NEW YORK SUPREME COURT, APPELLATE DIVISION, FIRST DEPARTMENT
May 5, 2009
IN RE VINCENT Z., PETITIONER-APPELLANT,
DOMINIQUE K., RESPONDENT-RESPONDENT.
Order, Family Court, New York County (Karen I. Lupuloff, J.), entered on or about May 2, 2008, which, to the extent appealed from, granted respondent mother's objections, vacated the modified order of support dated February 13, 2008, and reinstated the prior order of support entered December 19, 2005, unanimously modified, on the law, the facts and in the exercise of discretion, the objections denied, and the modified order of February 13, 2008 reinstated, and otherwise affirmed, without costs.
Published by New York State Law Reporting Bureau pursuant to Judiciary Law § 431.
This opinion is uncorrected and subject to revision before publication in the Official Reports.
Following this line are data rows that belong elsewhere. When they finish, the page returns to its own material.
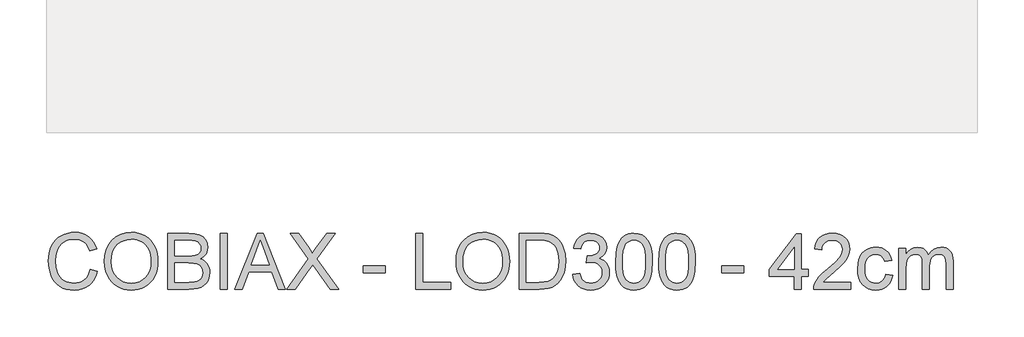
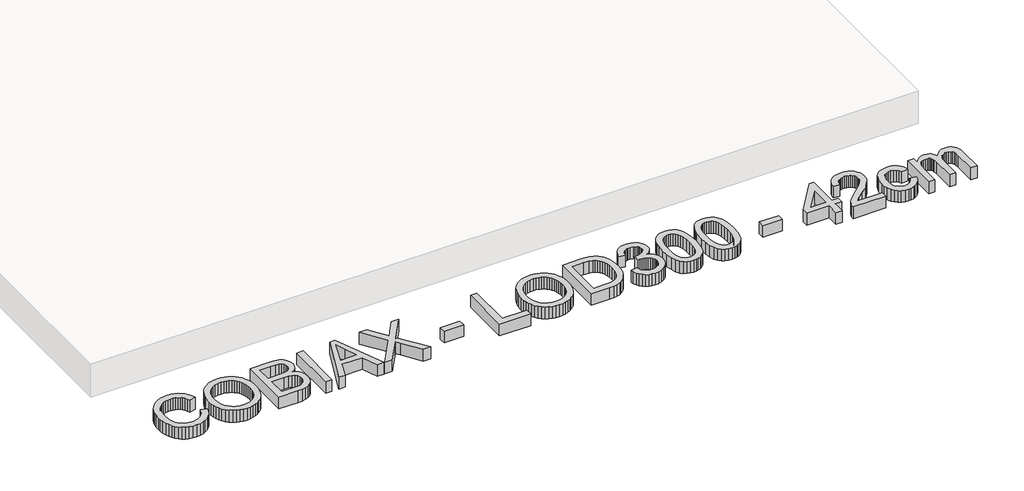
# One storey, part 2 of 18: 1 proxy.
"""IFC4 building model written with IfcOpenShell, lengths in millimetres."""

from ifc_helpers import new_model, si_unit, origin, origin_with_axes, place, context, project, spatial, polyline, outline, extrude, element, save

model = new_model("IFC4")

# Units and contexts
model_context = context("Model", 3, world=origin())
ifc_project = project(units=[si_unit("LENGTHUNIT", "METRE", prefix="MILLI")], contexts=[model_context])

# Site, building, storey
site = spatial("IfcSite", under=ifc_project)
building = spatial("IfcBuilding", under=site)
storey = spatial("IfcBuildingStorey", under=building, Name="COBIAX Slabs", Elevation=0.0)

# Proxy
placement = place(None, origin())
element("IfcBuildingElementProxy", 1, Name="600mm Arial", ObjectType="600mm Arial", at=placement, inside=storey, context=model_context, shape_type="SweptSolid", body=[
    extrude(outline(polyline([(-20201.7846047, -42740.3003464), (-20126.4423721, -42759.7245158), (-20141.35079, -42806.5788864), (-20161.2072206, -42847.5195539), (-20186.0116642, -42882.5465184), (-20215.7641205, -42911.6597798), (-20249.7932051, -42934.5466384), (-20287.4275332, -42950.8943946), (-20328.6671048, -42960.7030482), (-20373.5119201, -42963.9725995), (-20419.4557827, -42961.4985931), (-20460.902288, -42954.0765738), (-20497.8514359, -42941.7065417), (-20530.3032264, -42924.3884968), (-20558.7037164, -42902.3799564), (-20583.4989629, -42875.938438), (-20604.6889658, -42845.0639416), (-20622.2737252, -42809.7564671), (-20636.0830956, -42771.5427249), (-20645.9469316, -42731.9494251), (-20651.8652332, -42690.9765679), (-20653.8380004, -42648.6241532), (-20651.6077158, -42603.1815298), (-20644.916862, -42560.7371446), (-20633.765439, -42521.2909976), (-20618.1534469, -42484.843089), (-20598.4303734, -42451.9958253), (-20574.9457065, -42423.3516135), (-20547.6994462, -42398.9104534), (-20516.6915926, -42378.6723452), (-20482.9752077, -42362.8028356), (-20447.6033539, -42351.4674716), (-20410.5760311, -42344.6662532), (-20371.8932393, -42342.3991804), (-20328.8004621, -42345.3330393), (-20289.2853373, -42354.1346161), (-20253.3478649, -42368.8039106), (-20220.9880449, -42389.340923), (-20192.7393062, -42415.2030273), (-20169.1350776, -42445.8475975), (-20150.1753593, -42481.2746336), (-20135.8601512, -42521.4841357), (-20211.2023838, -42539.436777), (-20223.0665781, -42509.8084809), (-20237.3220054, -42484.4936011), (-20253.9686657, -42463.4921377), (-20273.006559, -42446.8040907), (-20294.5460498, -42434.0891692), (-20318.6975028, -42425.0070824), (-20345.4609179, -42419.5578304), (-20374.8362952, -42417.741413), (-20408.6354535, -42419.755567), (-20439.5467382, -42425.7980287), (-20467.5701492, -42435.8687984), (-20492.7056865, -42449.9678758), (-20514.6360519, -42467.4606647), (-20533.0439473, -42487.7125685), (-20547.9293725, -42510.7235873), (-20559.2923276, -42536.4937211), (-20573.6949077, -42591.6392322), (-20578.4957678, -42648.4770004), (-20572.8119909, -42718.0802739), (-20565.7072699, -42749.3502435), (-20555.7606605, -42778.2657683), (-20542.8112142, -42804.2520328), (-20526.6979829, -42826.7342212), (-20507.4209663, -42845.7123336), (-20484.9801646, -42861.18637), (-20460.4654281, -42873.1931186), (-20434.9666074, -42881.7693677), (-20408.4837022, -42886.9151171), (-20381.0167128, -42888.6303669), (-20348.2614196, -42886.2943162), (-20318.1272857, -42879.2861642), (-20290.614311, -42867.6059108), (-20265.7224955, -42851.2535562), (-20244.0404504, -42830.3026765), (-20226.1567869, -42804.8268484), (-20212.071505, -42774.8260717), (-20201.7846047, -42740.3003464)])), origin_with_axes(), (0.0, 0.0, 1.0), 150.0),
    extrude(outline(polyline([(-20051.1001395, -42661.1321411), (-20046.0785503, -42590.4344186), (-20031.0137825, -42527.8484942), (-20005.9058364, -42473.3743678), (-19989.5856714, -42449.1792288), (-19970.7547117, -42427.0120393), (-19927.6665331, -42389.9939136), (-19878.7474247, -42363.5523952), (-19823.9973868, -42347.6874841), (-19763.4164193, -42342.3991804), (-19722.8666263, -42344.8823839), (-19684.3585785, -42352.3319943), (-19647.8922757, -42364.7480116), (-19613.467718, -42382.1304359), (-19582.0505956, -42403.9550353), (-19554.6065988, -42429.6975779), (-19531.1357275, -42459.3580637), (-19511.6379818, -42492.9364929), (-19496.3156967, -42529.6695101), (-19485.3712073, -42568.7937603), (-19478.8045137, -42610.3092434), (-19476.6156158, -42654.2159595), (-19478.9194768, -42698.7020898), (-19485.8310598, -42740.778593), (-19497.3503648, -42780.4454691), (-19513.4773917, -42817.7027182), (-19533.8304631, -42851.5662559), (-19558.0279014, -42881.0519978), (-19586.0697064, -42906.1599439), (-19617.9558784, -42926.8900944), (-19652.4310198, -42943.1136904), (-19688.2397335, -42954.7019732), (-19725.3820195, -42961.6549429), (-19763.8578777, -42963.9725995), (-19805.1158434, -42961.4112211), (-19844.129729, -42953.7270859), (-19880.8995344, -42940.920194), (-19915.4252597, -42922.9905452), (-19946.8055939, -42900.632517), (-19974.1392261, -42874.5404865), (-19997.4261564, -42844.7144537), (-20016.6663847, -42811.1544187), (-20031.7311524, -42775.2077492), (-20042.4917008, -42738.2218131), (-20048.9480298, -42700.1966104), (-20051.1001395, -42661.1321411)]), holes=[polyline([(-19975.7579069, -42661.867905), (-19971.9917149, -42711.8170829), (-19960.6931392, -42756.1560604), (-19941.8621795, -42794.8848374), (-19915.4988361, -42828.0034141), (-19883.4517158, -42854.5277059), (-19847.5694257, -42873.4736287), (-19807.8519657, -42884.8411823), (-19764.299336, -42888.6303669), (-19720.0017453, -42884.8043941), (-19679.8152359, -42873.3264759), (-19643.7398077, -42854.1966121), (-19611.7754608, -42827.4148029), (-19585.6052554, -42793.5972505), (-19566.9122515, -42753.3601572), (-19555.6964492, -42706.7035232), (-19551.9578484, -42653.6273484), (-19553.5581351, -42619.1476084), (-19558.3589951, -42586.9303426), (-19566.3604285, -42556.9755512), (-19577.5624353, -42529.283234), (-19591.8408552, -42504.2166745), (-19609.0715282, -42482.1391563), (-19629.2544541, -42463.0506793), (-19652.3896331, -42446.9512435), (-19677.7596952, -42434.1719427), (-19704.6472705, -42425.0438706), (-19733.0523591, -42419.5670274), (-19762.9749609, -42417.741413), (-19805.0146759, -42421.2592846), (-19844.0193644, -42431.8128994), (-19879.9890265, -42449.4022573), (-19912.9236621, -42474.0273583), (-19940.4136442, -42506.874622), (-19960.0493457, -42549.1304676), (-19971.8307666, -42600.7948953), (-19975.7579069, -42661.867905)])]), origin_with_axes(), (0.0, 0.0, 1.0), 150.0),
    extrude(outline(polyline([(-19373.020046, -42954.5548204), (-19373.020046, -42351.8169595), (-19143.0202226, -42351.8169595), (-19079.7629135, -42356.2499375), (-19030.3747557, -42369.5488717), (-19010.2975958, -42379.6058457), (-18992.5196984, -42392.0448557), (-18977.0410634, -42406.8659016), (-18963.8616909, -42424.0689834), (-18945.8170791, -42461.7400997), (-18939.8022085, -42501.1770495), (-18944.8605859, -42537.4686084), (-18960.0357182, -42571.5896634), (-18985.43797, -42601.4432873), (-19021.1777058, -42624.9325527), (-18998.438, -42634.6262433), (-18978.4850002, -42647.2262016), (-18961.3187066, -42662.7324277), (-18946.9391192, -42681.1449216), (-18935.576164, -42701.9026632), (-18927.4597675, -42724.4446324), (-18922.5899296, -42748.7708294), (-18920.9666503, -42774.881254), (-18925.3996283, -42816.9117719), (-18938.6985625, -42855.8888693), (-18958.5457961, -42889.0350371), (-18982.6236727, -42913.5727661), (-19012.1094146, -42931.3414665), (-19048.1802442, -42944.1805481), (-19092.013384, -42951.9612523), (-19144.7860562, -42954.5548204), (-19373.020046, -42954.5548204)]), holes=[polyline([(-19297.6778134, -42596.6792155), (-19160.0899472, -42596.6792155), (-19111.9709822, -42595.0605347), (-19079.7445194, -42590.2044924), (-19051.6199409, -42579.0392738), (-19031.4048253, -42562.3190371), (-19019.2095371, -42540.3012997), (-19015.1444411, -42513.243579), (-19018.9336256, -42486.9768045), (-19030.3011793, -42464.0945444), (-19048.7320672, -42446.2338736), (-19073.7112547, -42435.0318668), (-19112.0445586, -42429.1273608), (-19170.5377958, -42427.1591921), (-19297.6778134, -42427.1591921), (-19297.6778134, -42596.6792155)]), polyline([(-19297.6778134, -42879.2125878), (-19143.1673754, -42879.2125878), (-19087.2493121, -42876.2695318), (-19061.2952374, -42869.7396264), (-19039.9396875, -42859.8619948), (-19022.5756574, -42845.7169321), (-19008.5961416, -42826.3847333), (-18999.3806976, -42802.729921), (-18996.3088829, -42775.617018), (-18999.9141265, -42744.1263192), (-19010.7298571, -42717.0502043), (-19029.6205976, -42695.8785955), (-19057.4508705, -42682.1014148), (-19096.8694263, -42674.5414398), (-19150.5250153, -42672.0214481), (-19297.6778134, -42672.0214481), (-19297.6778134, -42879.2125878)])]), origin_with_axes(), (0.0, 0.0, 1.0), 150.0),
    extrude(outline(polyline([(-18807.9533014, -42954.5548204), (-18807.9533014, -42351.8169595), (-18732.6110688, -42351.8169595), (-18732.6110688, -42954.5548204), (-18807.9533014, -42954.5548204)])), origin_with_axes(), (0.0, 0.0, 1.0), 150.0),
    extrude(outline(polyline([(-18652.1184882, -42954.5548204), (-18411.5236634, -42351.8169595), (-18347.3650434, -42351.8169595), (-18106.7702186, -42954.5548204), (-18186.3798823, -42954.5548204), (-18255.3945446, -42766.1992389), (-18503.641315, -42766.1992389), (-18572.5088245, -42954.5548204), (-18652.1184882, -42954.5548204)]), holes=[polyline([(-18475.9765889, -42690.8570063), (-18282.9121179, -42690.8570063), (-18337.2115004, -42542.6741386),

Gonzalez, P.J., Buckley, Catterson, McGuire, Renwick, JJ.
Parties may agree to dispense with the "unanticipated or unreasonable change in circumstances" standard for modifying a support obligation (see Colyer v Colyer, 309 AD2d 9, 15-16 ). Here, the record of the open court proceedings regarding the proposed stipulation of settlement indicates that the parties and the support magistrate intended to give the court broad power to modify the parties' child support obligations once respondent obtained full-time employment as a physician. Accordingly, the court improperly granted her objections to the modified order of support and reinstated the prior order on the ground that petitioner father had failed to establish that the stipulation was unfair when entered into, or that respondent's increased earnings were unanticipated and unreasonable (see generally Corniello v Gavalas, 264 AD2d 418 ).
Petitioner did not raise this issue before the Family Court, but it was raised before the Support Magistrate and we consider it in the interest of justice. As the Support Magistrate found, respondent's fivefold increase in earnings constituted a substantial change in circumstances warranting a downward modification of petitioner's child support obligations (see generally Matter of Freedman v Horike, 29 AD3d 1093, 1094 ).
Petitioner is not, however, entitled to a credit against future child support payments for overpayments he has made by virtue of complying with the Family Court's order (see Matter of Maksimyadis v Maksimyadis, 275 AD2d 459, 461 ).
THIS CONSTITUTES THE DECISION AND ORDER OF THE SUPREME COURT, APPELLATE DIVISION, FIRST DEPARTMENT.